Molecular cloud formation in high-shear, magnetized colliding flows

TL;DR

This study uses magnetized colliding flow simulations with oblique shocks to show how shear and magnetic fields influence molecular cloud formation and star formation processes.

Contribution

It introduces the effects of oblique shocks and magnetic fields on cloud formation, highlighting how shear delays star formation and magnetic fields inhibit collapse.

Findings

Increased shear lengthens star formation timescales.

Magnetic fields prevent gravitational collapse in forming clouds.

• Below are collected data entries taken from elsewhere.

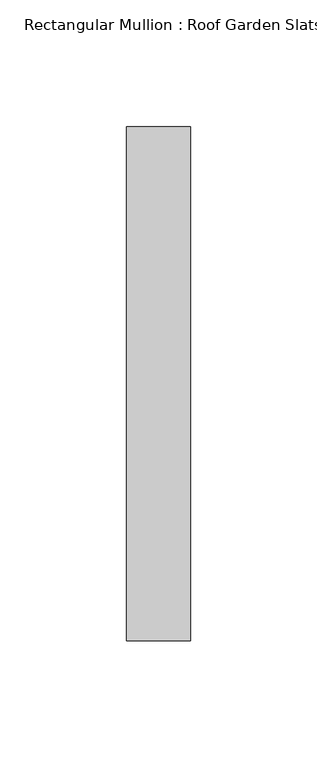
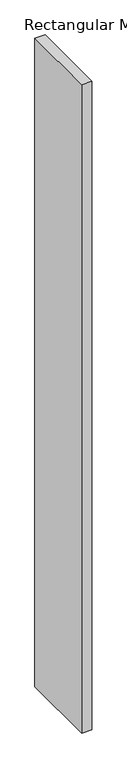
"""IFC4 building model written with IfcOpenShell, lengths in millimetres: member geometry, Rectangular Mullion : Roof Garden Slats."""

from ifc_helpers import new_model, si_unit, frame, origin, place, context, project, spatial, polyline, outline, extrude, source, transform, mapped, element, save


def rectangular_mullion_roof_garden_slats_69855f6a(model_context):
    return source(origin(), model_context, "Body", "SweptSolid", [
        extrude(outline(polyline([(12.7, 139.7), (12.7, -63.5), (-12.7, -63.5), (-12.7, 139.7), (12.7, 139.7)])), frame((0.0, 0.0, -1718.6169835), z_axis=(0.0, 0.0, 1.0), x_axis=(1.0, 0.0, 0.0)), (0.0, 0.0, 1.0), 1718.6169835),
    ])


if __name__ == "__main__":
    model = new_model("IFC4")
    model_context = context("Model", 3, world=origin())
    ifc_project = project(units=[si_unit("LENGTHUNIT", "METRE", prefix="MILLI")], contexts=[model_context])
    site = spatial("IfcSite", under=ifc_project)
    building = spatial("IfcBuilding", under=site)
    placement = place(None, origin())
    rectangular_mullion_roof_garden_slats_shape = rectangular_mullion_roof_garden_slats_69855f6a(model_context)
    element("IfcMember", 1, ObjectType="Rectangular Mullion : Roof Garden Slats", at=placement, inside=building, context=model_context, shape_type="MappedRepresentation", body=[
        mapped(rectangular_mullion_roof_garden_slats_shape, transform((0.0, 0.0, 0.0), x_axis=(1.0, 0.0, 0.0), y_axis=(0.0, 1.0, 0.0), z_axis=(0.0, 0.0, 1.0))),
    ])
    save(model, "model.ifc")

Oblique shock interfaces tend to reorient to normal over time.

Abstract

The colliding flows (CF) model is a well-supported mechanism for generating molecular clouds. However, to-date most CF simulations have focused on the formation of clouds in the normal-shock layer between head-on colliding flows. We performed simulations of magnetized colliding flows that instead meet at an oblique-shock layer. Oblique shocks generate shear in the post-shock environment, and this shear creates inhospitable environments for star formation. As the degree of shear increases (i.e. the obliquity of the shock increases), we find that it takes longer for sink particles to form, they form in lower numbers, and they tend to be less massive. With regard to magnetic fields, we find that even a weak field stalls gravitational collapse within forming clouds. Additionally, an initially oblique collision interface tends to reorient over time in the presence of a magnetic field, so that it becomes normal to the oncoming flows. This was demonstrated by our most oblique shock interface, which became fully normal by the end of the simulation.